Directions -
Report how many lines in the records hold the string "from"; give the number and nothing else.

Dataset excerpts:
--

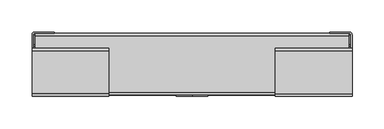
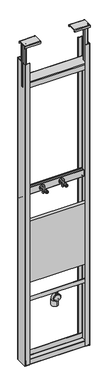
"""IFC4 building model written with IfcOpenShell, lengths in millimetres: flow terminal geometry, NLRS_74_PF_TLB_HU-ASM-AGB_Geberit : HU-ASM-AGB."""

from ifc_helpers import new_model, si_unit, point, frame, frame_2d, origin, place, context, project, spatial, polyline, circle_curve, ellipse_curve, trimmed, segment, composite_curve, outline, extrude, source, transform, mapped, element, save
from ifc_brep_helpers import plane_surface, cylinder_surface, revolved_surface, advanced_brep


def flow_terminal_17ddd345(model_context):
    return source(origin(), model_context, "Body", "SolidModel", [
        extrude(outline(composite_curve([segment(trimmed(circle_curve(frame_2d((1150.0, 894.5814924)), 20.0), [point((1141.7647059, 912.8072964))], [point((1141.7647059, 876.3556885))], False, "CARTESIAN"), True, "CONTINUOUS"), segment(trimmed(circle_curve(frame_2d((1143.0, 879.0895591)), 3.0), [point((1141.7647059, 876.3556885))], [point((1140.0, 879.0895591))], False, "CARTESIAN"), True, "CONTINUOUS"), segment(polyline([(1140.0, 879.0895591), (1140.0, 910.0734258)]), True, "CONTINUOUS"), segment(trimmed(circle_curve(frame_2d((1143.0, 910.0734258)), 3.0), [point((1140.0, 910.0734258))], [point((1141.7647059, 912.8072964))], False, "CARTESIAN"), True, "CONTINUOUS")], self_intersect=False)), frame((0.0, 73.7121106, 0.0), z_axis=(0.0, 1.0, 0.0), x_axis=(0.0, 0.0, 1.0)), (0.0, 0.0, 1.0), 5.0),
        advanced_brep(
        [(894.5814924, 60.7121106, 1115.0), (894.5814924, 66.7121106, 1115.0), (894.5814924, 54.7121106, 1115.0), (894.5814924, 66.7121106, 1130.0), (894.5814924, 54.7121106, 1130.0), (894.5814924, 68.7121106, 1130.0), (894.5814924, 52.7121106, 1130.0), (894.5814924, 68.7121106, 1150.0), (894.5814924, 52.7121106, 1150.0), (894.5814924, 60.7121106, 1150.0)],
        [
            (0, 1),
            (1, 2, circle_curve(frame((894.5814924, 60.7121106, 1115.0), z_axis=(0.0, 0.0, -1.0), x_axis=(0.0, 1.0, 0.0)), 6.0)),
            (2, 0),
            (2, 1, circle_curve(frame((894.5814924, 60.7121106, 1115.0), z_axis=(0.0, 0.0, -1.0), x_axis=(0.0, 1.0, 0.0)), 6.0)),
            (1, 3),
            (3, 4, circle_curve(frame((894.5814924, 60.7121106, 1130.0), z_axis=(0.0, 0.0, -1.0), x_axis=(0.0, 1.0, 0.0)), 6.0)),
            (4, 2),
            (4, 3, circle_curve(frame((894.5814924, 60.7121106, 1130.0), z_axis=(0.0, 0.0, -1.0), x_axis=(0.0, 1.0, 0.0)), 6.0)),
            (3, 5),
            (5, 6, circle_curve(frame((894.5814924, 60.7121106, 1130.0), z_axis=(0.0, 0.0, -1.0), x_axis=(0.0, 1.0, 0.0)), 8.0)),
            (6, 4),
            (6, 5, circle_curve(frame((894.5814924, 60.7121106, 1130.0), z_axis=(0.0, 0.0, -1.0), x_axis=(0.0, 1.0, 0.0)), 8.0)),
            (5, 7),
            (7, 8, circle_curve(frame((894.5814924, 60.7121106, 1150.0), z_axis=(0.0, 0.0, -1.0), x_axis=(0.0, 1.0, 0.0)), 8.0)),
            (8, 6),
            (8, 7, circle_curve(frame((894.5814924, 60.7121106, 1150.0), z_axis=(0.0, 0.0, -1.0), x_axis=(0.0, 1.0, 0.0)), 8.0)),
            (7, 9),
            (9, 8),
        ],
        [
            plane_surface(frame((894.5814924, 60.7121106, 1115.0), z_axis=(0.0, 0.0, -1.0), x_axis=(0.0, 1.0, 0.0))),
            cylinder_surface(frame((894.5814924, 60.7121106, 1154.6416054), z_axis=(0.0, 0.0, -1.0), x_axis=(0.0, 1.0, 0.0)), 6.0),
            plane_surface(frame((894.5814924, 60.7121106, 1130.0), z_axis=(0.0, 0.0, -1.0), x_axis=(0.0, 1.0, 0.0))),
            cylinder_surface(frame((894.5814924, 60.7121106, 1154.6416054), z_axis=(0.0, 0.0, -1.0), x_axis=(0.0, 1.0, 0.0)), 8.0),
            plane_surface(frame((894.5814924, 60.7121106, 1150.0), z_axis=(0.0, 0.0, 1.0), x_axis=(0.0, 1.0, 0.0))),
        ],
        [
            (0, [[1, 2, 3]]),
            (0, [[-3, 4, -1]]),
            (1, [[-2, 5, 6, 7]]),
            (1, [[-4, -7, 8, -5]]),
            (2, [[-6, 9, 10, 11]]),
            (2, [[-8, -11, 12, -9]]),
            (3, [[-10, 13, 14, 15]]),
            (3, [[-12, -15, 16, -13]]),
            (4, [[-14, 17, 18]]),
            (4, [[-16, -18, -17]]),
        ],
    ),
        advanced_brep(
        [(894.5814924, 23.7121106, 1141.0), (894.5814924, 23.7121106, 1159.0), (894.5814924, 23.7121106, 1160.0), (894.5814924, 23.7121106, 1140.0), (894.5814924, 8.7121106, 1160.0), (894.5814924, 8.7121106, 1140.0), (894.5814924, 8.7121106, 1156.0), (894.5814924, 8.7121106, 1144.0), (894.5814924, 38.7121106, 1156.0), (894.5814924, 38.7121106, 1144.0), (894.5814924, 38.7121106, 1150.0), (894.5814924, 73.7121106, 1150.0), (894.5814924, 73.7121106, 1159.0), (894.5814924, 73.7121106, 1141.0)],
        [
            (0, 1, circle_curve(frame((894.5814924, 23.7121106, 1150.0), z_axis=(0.0, -1.0, 0.0), x_axis=(0.0, 0.0, 1.0)), 9.0)),
            (1, 2),
            (2, 3, circle_curve(frame((894.5814924, 23.7121106, 1150.0), z_axis=(0.0, 1.0, 0.0), x_axis=(0.0, 0.0, 1.0)), 10.0)),
            (3, 0),
            (1, 0, circle_curve(frame((894.5814924, 23.7121106, 1150.0), z_axis=(0.0, -1.0, 0.0), x_axis=(0.0, 0.0, 1.0)), 9.0)),
            (3, 2, circle_curve(frame((894.5814924, 23.7121106, 1150.0), z_axis=(0.0, 1.0, 0.0), x_axis=(0.0, 0.0, 1.0)), 10.0)),
            (2, 4),
            (4, 5, circle_curve(frame((894.5814924, 8.7121106, 1150.0), z_axis=(0.0, 1.0, 0.0), x_axis=(0.0, 0.0, 1.0)), 10.0)),
            (5, 3),
            (5, 4, circle_curve(frame((894.5814924, 8.7121106, 1150.0), z_axis=(0.0, 1.0, 0.0), x_axis=(0.0, 0.0, 1.0)), 10.0)),
            (4, 6),
            (6, 7, circle_curve(frame((894.5814924, 8.7121106, 1150.0), z_axis=(0.0, 1.0, 0.0), x_axis=(0.0, 0.0, 1.0)), 6.0)),
            (7, 5),
            (7, 6, circle_curve(frame((894.5814924, 8.7121106, 1150.0), z_axis=(0.0, 1.0, 0.0), x_axis=(0.0, 0.0, 1.0)), 6.0)),
            (6, 8),
            (8, 9, circle_curve(frame((894.5814924, 38.7121106, 1150.0), z_axis=(0.0, 1.0, 0.0), x_axis=(0.0, 0.0, 1.0)), 6.0)),
            (9, 7),
            (9, 8, circle_curve(frame((894.5814924, 38.7121106, 1150.0), z_axis=(0.0, 1.0, 0.0), x_axis=(0.0, 0.0, 1.0)), 6.0)),
            (8, 10),
            (10, 9),
            (11, 12),
            (12, 13, circle_curve(frame((894.5814924, 73.7121106, 1150.0), z_axis=(0.0, 1.0, 0.0), x_axis=(0.0, 0.0, 1.0)), 9.0)),
            (13, 11),
            (13, 12, circle_curve(frame((894.5814924, 73.7121106, 1150.0), z_axis=(0.0, 1.0, 0.0), x_axis=(0.0, 0.0, 1.0)), 9.0)),
            (12, 1),
            (0, 13),
        ],
        [
            plane_surface(frame((894.5814924, 23.7121106, 1150.0), z_axis=(0.0, 1.0, 0.0), x_axis=(0.0, 0.0, 1.0))),
            cylinder_surface(frame((894.5814924, 1521.1330064, 1150.0), z_axis=(0.0, 1.0, 0.0), x_axis=(0.0, 0.0, 1.0)), 10.0),
            plane_surface(frame((894.5814924, 8.7121106, 1150.0), z_axis=(0.0, -1.0, 0.0), x_axis=(0.0, 0.0, 1.0))),
            revolved_surface(polyline([(894.5814924, 38.71211059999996, 1156.0), (894.5814924, 8.71211059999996, 1156.0)]), (894.5814924, 1521.1330064, 1150.0), (0.0, 1.0, 0.0)),
            plane_surface(frame((894.5814924, 38.7121106, 1150.0), z_axis=(0.0, -1.0, 0.0), x_axis=(0.0, 0.0, 1.0))),
            plane_surface(frame((894.5814924, 73.7121106, 1150.0), z_axis=(0.0, 1.0, 0.0), x_axis=(0.0, 0.0, 1.0))),
            cylinder_surface(frame((894.5814924, 1521.1330064, 1150.0), z_axis=(0.0, 1.0, 0.0), x_axis=(0.0, 0.0, 1.0)), 9.0),
        ],
        [
            (0, [[1, 2, 3, 4]]),
            (0, [[5, -4, 6, -2]]),
            (1, [[-3, 7, 8, 9]]),
            (1, [[-6, -9, 10, -7]]),
            (2, [[-8, 11, 12, 13]]),
            (2, [[-10, -13, 14, -11]]),
            (3, [[-12, 15, 16, 17]]),
            (3, [[-14, -17, 18, -15]]),
            (4, [[-16, 19, 20]]),
            (4, [[-18, -20, -19]]),
            (5, [[21, 22, 23]]),
            (5, [[-23, 24, -21]]),
            (6, [[-22, 25, -1, 26]]),
            (6, [[-24, -26, -5, -25]]),
        ],
    ),
        extrude(outline(composite_curve([segment(trimmed(circle_curve(frame_2d((1150.0, 744.5814924)), 20.0), [point((1141.7647059, 762.8072964))], [point((1141.7647059, 726.3556885))], False, "CARTESIAN"), True, "CONTINUOUS"), segment(trimmed(circle_curve(frame_2d((1143.0, 729.0895591)), 3.0), [point((1141.7647059, 726.3556885))], [point((1140.0, 729.0895591))], False, "CARTESIAN"), True, "CONTINUOUS"), segment(polyline([(1140.0, 729.0895591), (1140.0, 760.0734258)]), True, "CONTINUOUS"), segment(trimmed(circle_curve(frame_2d((1143.0, 760.0734258)), 3.0), [point((1140.0, 760.0734258))], [point((1141.7647059, 762.8072964))], False, "CARTESIAN"), True, "CONTINUOUS")], self_intersect=False)), frame((0.0, 73.7121106, 0.0), z_axis=(0.0, 1.0, 0.0), x_axis=(0.0, 0.0, 1.0)), (0.0, 0.0, 1.0), 5.0),
        advanced_brep(
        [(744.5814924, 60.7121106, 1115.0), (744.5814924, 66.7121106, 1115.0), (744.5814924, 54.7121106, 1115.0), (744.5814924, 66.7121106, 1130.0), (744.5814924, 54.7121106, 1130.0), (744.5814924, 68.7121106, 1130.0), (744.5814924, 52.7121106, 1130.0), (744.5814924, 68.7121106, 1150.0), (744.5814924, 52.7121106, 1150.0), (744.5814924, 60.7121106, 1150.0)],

--

Response to the task -
2